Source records
⁂

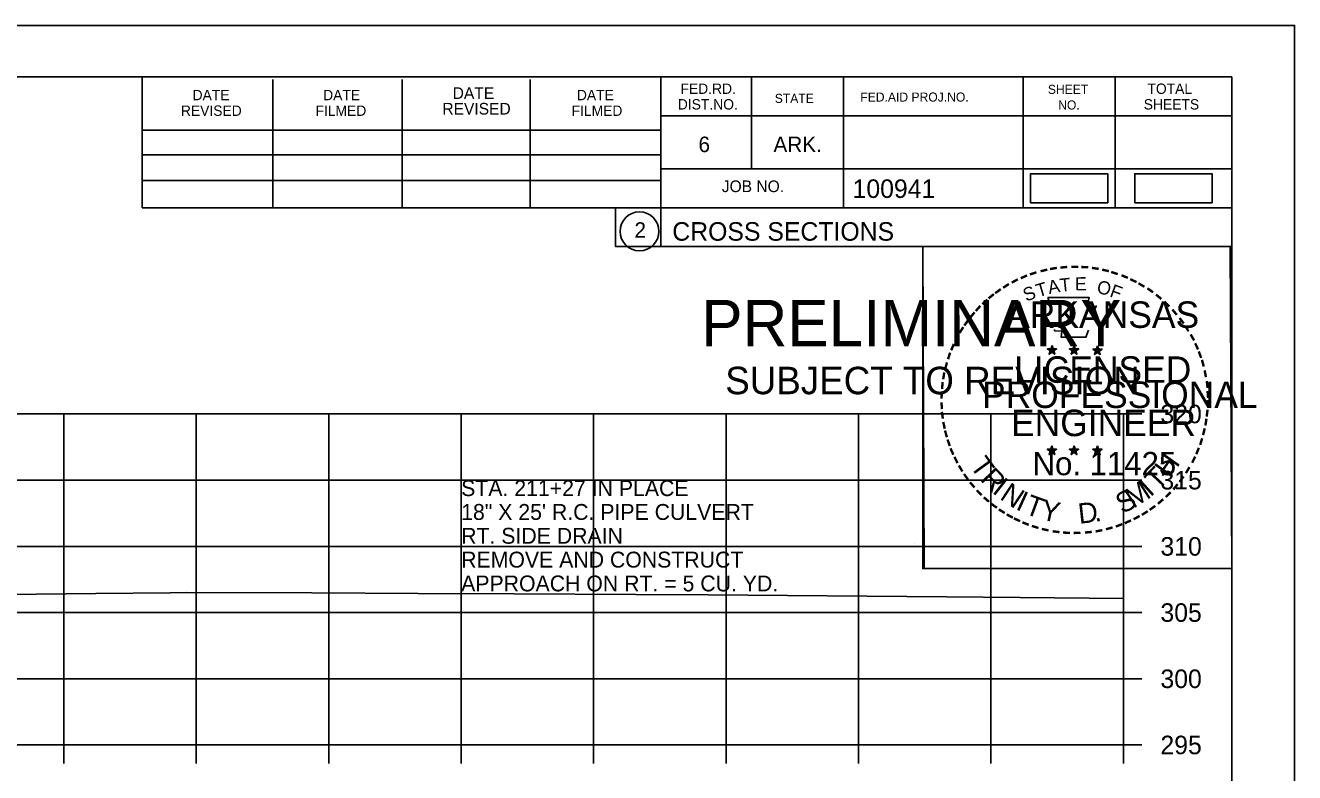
# Model space of a CAD drawing. Extents: x 1370538 to 1372872, y 376220 to 381127.
# Drawn here: x 1370775.7 to 1370871.5, y 379424.9 to 379481.3 of the extents above; entities that cross this region are included whole.
import ezdxf

# ---------------------------------------------------------------- set-up
doc = ezdxf.new("R2010")
doc.units = 0
for name, color, linetype in [('Default', 7, 'Continuous'), ('R_Border Notes', 7, 'Continuous'), ('R_Border PE', 7, 'Continuous'), ('R_Border Prem', 7, 'Continuous'), ('R_Dimension', 7, 'Continuous'), ('R_Grid', 7, 'Continuous'), ('R_No Plot', 7, 'Continuous'), ('R_Water Annot', 7, 'Continuous'), ('T_Indications', 7, 'Continuous'), ('T_Notes', 7, 'Continuous')]:
    doc.layers.add(name, color=color, linetype=linetype)

msp = doc.modelspace()

# ---------------------------------------------------------------- linework, layer by layer
at = {"layer": 'Default'}
for points in [[(1370851.6, 379467.904), (1370857.433, 379467.904), (1370857.433, 379470.09), (1370851.6, 379470.09)], [(1370859.47, 379467.904), (1370865.303, 379467.904), (1370865.303, 379470.09), (1370859.47, 379470.09)]]:
    msp.add_lwpolyline(points, close=True, dxfattribs=at)
at = {"layer": 'R_Border Notes'}
for p, q in [((1370550.607, 379477.407), (1370866.787, 379477.407)), ((1370784.527, 379467.527), (1370784.527, 379477.407)), ((1370794.387, 379467.527), (1370794.387, 379477.207)), ((1370804.147, 379467.527), (1370804.147, 379477.207)), ((1370813.827, 379467.527), (1370813.827, 379477.207)), ((1370823.687, 379477.407), (1370823.687, 379464.607)), ((1370830.527, 379477.407), (1370830.527, 379470.467)), ((1370837.467, 379477.407), (1370837.467, 379467.527)), ((1370851.047, 379477.407), (1370851.047, 379467.527)), ((1370857.987, 379477.407), (1370857.987, 379467.527)), ((1370866.787, 379271.947), (1370866.787, 379477.407)), ((1370866.787, 379474.467), (1370823.687, 379474.467)), ((1370866.787, 379474.487), (1370866.787, 379474.487)), ((1370784.527, 379473.387), (1370823.687, 379473.387)), ((1370784.527, 379471.527), (1370823.687, 379471.527)), ((1370866.787, 379470.467), (1370823.687, 379470.467)), ((1370826.647, 379470.467), (1370866.787, 379470.467)), ((1370784.527, 379467.527), (1370784.527, 379469.587)), ((1370784.527, 379469.587), (1370823.687, 379469.587)), ((1370866.787, 379467.527), (1370784.527, 379467.527)), ((1370823.687, 379464.607), (1370866.787, 379464.607))]:
    msp.add_line(p, q, dxfattribs=at)
msp.add_circle((1370822.073, 379465.743), 1.467, dxfattribs=at)
at = {"layer": 'R_Border Prem'}
for p, q in [((1370858.607, 379426.947), (1370858.607, 379451.947)), ((1370860.007, 379451.947), (1370858.607, 379451.947)), ((1370860.007, 379446.947), (1370858.607, 379446.947)), ((1370860.007, 379441.947), (1370858.607, 379441.947)), ((1370860.007, 379436.947), (1370858.607, 379436.947)), ((1370860.007, 379431.947), (1370858.607, 379431.947)), ((1370558.607, 379426.947), (1370858.607, 379426.947)), ((1370778.607, 379425.547), (1370778.607, 379426.947)), ((1370788.607, 379425.547), (1370788.607, 379426.947)), ((1370798.607, 379425.547), (1370798.607, 379426.947)), ((1370808.607, 379425.547), (1370808.607, 379426.947)), ((1370818.607, 379425.547), (1370818.607, 379426.947)), ((1370828.607, 379425.547), (1370828.607, 379426.947)), ((1370838.607, 379425.547), (1370838.607, 379426.947)), ((1370848.607, 379425.547), (1370848.607, 379426.947)), ((1370858.607, 379425.547), (1370858.607, 379426.947)), ((1370860.007, 379426.947), (1370858.607, 379426.947))]:
    msp.add_line(p, q, dxfattribs=at)
at = {"layer": 'R_Dimension'}
msp.add_lwpolyline([(1370767.559, 379438.24), (1370781.015, 379438.397), (1370786.627, 379438.44), (1370787.849, 379438.47), (1370797.339, 379438.437), (1370805.361, 379438.394), (1370812.609, 379438.367), (1370821.797, 379438.318), (1370827.261, 379438.291), (1370845.258, 379438.14), (1370850.811, 379438.084), (1370858.607, 379438.021)], dxfattribs=at)
at = {"layer": 'R_Grid'}
for p, q in [((1370558.607, 379451.947), (1370858.607, 379451.947)), ((1370778.607, 379426.947), (1370778.607, 379451.947)), ((1370788.607, 379426.947), (1370788.607, 379451.947)), ((1370798.607, 379426.947), (1370798.607, 379451.947)), ((1370808.607, 379426.947), (1370808.607, 379451.947)), ((1370818.607, 379426.947), (1370818.607, 379451.947)), ((1370828.607, 379426.947), (1370828.607, 379451.947)), ((1370838.607, 379426.947), (1370838.607, 379451.947)), ((1370848.607, 379426.947), (1370848.607, 379451.947)), ((1370858.607, 379426.947), (1370858.607, 379451.947)), ((1370558.607, 379446.947), (1370858.607, 379446.947)), ((1370558.607, 379441.947), (1370858.607, 379441.947)), ((1370558.607, 379436.947), (1370858.607, 379436.947)), ((1370558.607, 379431.947), (1370858.607, 379431.947)), ((1370558.607, 379426.947), (1370858.607, 379426.947))]:
    msp.add_line(p, q, dxfattribs=at)
at = {"layer": 'R_No Plot'}
for p, q in [((1370538.206, 379481.302), (1370871.539, 379481.302)), ((1370842.821, 379442.152), (1370842.821, 379442.152))]:
    msp.add_line(p, q, dxfattribs=at)
for points in [[(1370538.199, 379481.302), (1370871.539, 379481.302), (1370871.539, 379267.964), (1370538.199, 379267.964)], [(1370784.527, 379477.407), (1370784.527, 379467.527), (1370820.259, 379467.527), (1370820.259, 379464.607), (1370843.458, 379464.607), (1370843.458, 379440.275), (1370866.787, 379440.275), (1370866.787, 379271.947), (1370550.607, 379271.947), (1370550.607, 379477.407)], [(1370843.458, 379464.607), (1370866.666, 379464.607), (1370866.787, 379440.275), (1370843.579, 379440.275)]]:
    msp.add_lwpolyline(points, close=True, dxfattribs=at)
at = {"layer": 'T_Indications'}
for p, q in [((1370852.871, 379456.862), (1370853.22, 379456.751)), ((1370852.871, 379456.862), (1370853.124, 379456.817)), ((1370852.871, 379456.862), (1370853.108, 379456.74)), ((1370853.004, 379456.454), (1370853.22, 379456.751)), ((1370853.004, 379456.454), (1370853.13, 379456.698)), ((1370853.004, 379456.454), (1370853.218, 379456.671)), ((1370853.22, 379457.116), (1370853.179, 379456.864)), ((1370853.433, 379456.454), (1370853.218, 379456.668)), ((1370853.22, 379456.751), (1370853.22, 379457.116)), ((1370853.22, 379457.116), (1370853.269, 379456.866)), ((1370853.567, 379456.862), (1370853.22, 379456.751)), ((1370853.433, 379456.454), (1370853.22, 379456.751)), ((1370853.567, 379456.862), (1370853.281, 379456.813)), ((1370853.433, 379456.454), (1370853.296, 379456.745)), ((1370853.567, 379456.862), (1370853.363, 379456.76)), ((1370854.541, 379456.862), (1370854.89, 379456.751)), ((1370854.541, 379456.862), (1370854.794, 379456.817)), ((1370854.541, 379456.862), (1370854.778, 379456.74)), ((1370854.674, 379456.454), (1370854.89, 379456.751)), ((1370854.674, 379456.454), (1370854.8, 379456.698)), ((1370854.674, 379456.454), (1370854.888, 379456.671)), ((1370854.89, 379457.116), (1370854.849, 379456.864)), ((1370855.103, 379456.454), (1370854.888, 379456.668)), ((1370854.89, 379456.751), (1370854.89, 379457.116)), ((1370854.89, 379457.116), (1370854.939, 379456.866)), ((1370855.237, 379456.862), (1370854.89, 379456.751)), ((1370855.103, 379456.454), (1370854.89, 379456.751)), ((1370855.237, 379456.862), (1370854.951, 379456.813)), ((1370855.103, 379456.454), (1370854.966, 379456.745)), ((1370855.237, 379456.862), (1370855.033, 379456.76)), ((1370856.305, 379456.85), (1370856.654, 379456.739)), ((1370856.305, 379456.85), (1370856.558, 379456.805)), ((1370856.305, 379456.85), (1370856.542, 379456.728)), ((1370856.438, 379456.442), (1370856.654, 379456.739)), ((1370856.438, 379456.442), (1370856.564, 379456.686)), ((1370856.438, 379456.442), (1370856.652, 379456.659)), ((1370856.654, 379457.104), (1370856.613, 379456.852)), ((1370856.867, 379456.442), (1370856.652, 379456.656)), ((1370856.654, 379456.739), (1370856.654, 379457.104)), ((1370856.654, 379457.104), (1370856.703, 379456.854)), ((1370857.001, 379456.85), (1370856.654, 379456.739)), ((1370856.867, 379456.442), (1370856.654, 379456.739)), ((1370857.001, 379456.85), (1370856.715, 379456.801)), ((1370856.867, 379456.442), (1370856.73, 379456.733)), ((1370857.001, 379456.85), (1370856.797, 379456.748)), ((1370852.867, 379449.289), (1370853.216, 379449.178)), ((1370852.867, 379449.289), (1370853.12, 379449.244)), ((1370852.867, 379449.289), (1370853.104, 379449.167)), ((1370853, 379448.881), (1370853.216, 379449.178)), ((1370853, 379448.881), (1370853.126, 379449.125)), ((1370853, 379448.881), (1370853.214, 379449.098)), ((1370853.216, 379449.543), (1370853.175, 379449.291)), ((1370853.429, 379448.881), (1370853.214, 379449.095)), ((1370853.216, 379449.178), (1370853.216, 379449.543)), ((1370853.216, 379449.543), (1370853.265, 379449.293)), ((1370853.563, 379449.289), (1370853.216, 379449.178)), ((1370853.429, 379448.881), (1370853.216, 379449.178)), ((1370853.563, 379449.289), (1370853.277, 379449.24)), ((1370853.429, 379448.881), (1370853.292, 379449.172)), ((1370853.563, 379449.289), (1370853.359, 379449.187)), ((1370854.536, 379449.289), (1370854.885, 379449.178)), ((1370854.536, 379449.289), (1370854.789, 379449.244)), ((1370854.536, 379449.289), (1370854.773, 379449.167)), ((1370854.669, 379448.881), (1370854.885, 379449.178)), ((1370854.669, 379448.881), (1370854.795, 379449.125)), ((1370854.669, 379448.881), (1370854.883, 379449.098)), ((1370854.885, 379449.543), (1370854.844, 379449.291)), ((1370855.098, 379448.881), (1370854.883, 379449.095)), ((1370854.885, 379449.178), (1370854.885, 379449.543)), ((1370854.885, 379449.543), (1370854.934, 379449.293)), ((1370855.232, 379449.289), (1370854.885, 379449.178)), ((1370855.098, 379448.881), (1370854.885, 379449.178)), ((1370855.232, 379449.289), (1370854.946, 379449.24)), ((1370855.098, 379448.881), (1370854.961, 379449.172)), ((1370855.232, 379449.289), (1370855.028, 379449.187)), ((1370856.303, 379449.279), (1370856.652, 379449.168)), ((1370856.303, 379449.279), (1370856.556, 379449.234)), ((1370856.303, 379449.279), (1370856.54, 379449.157)), ((1370856.436, 379448.871), (1370856.652, 379449.168)), ((1370856.436, 379448.871), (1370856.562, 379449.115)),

⁂

Problem details
Return only the lines running from the top of the data to the line that holds "import ezdxf". Include both of those lines, but skip the pictures.

Finished exercise
# Model space of a CAD drawing. Extents: x 1370538 to 1372872, y 376220 to 381127.
# Drawn here: x 1370775.7 to 1370871.5, y 379424.9 to 379481.3 of the extents above; entities that cross this region are included whole.
import ezdxf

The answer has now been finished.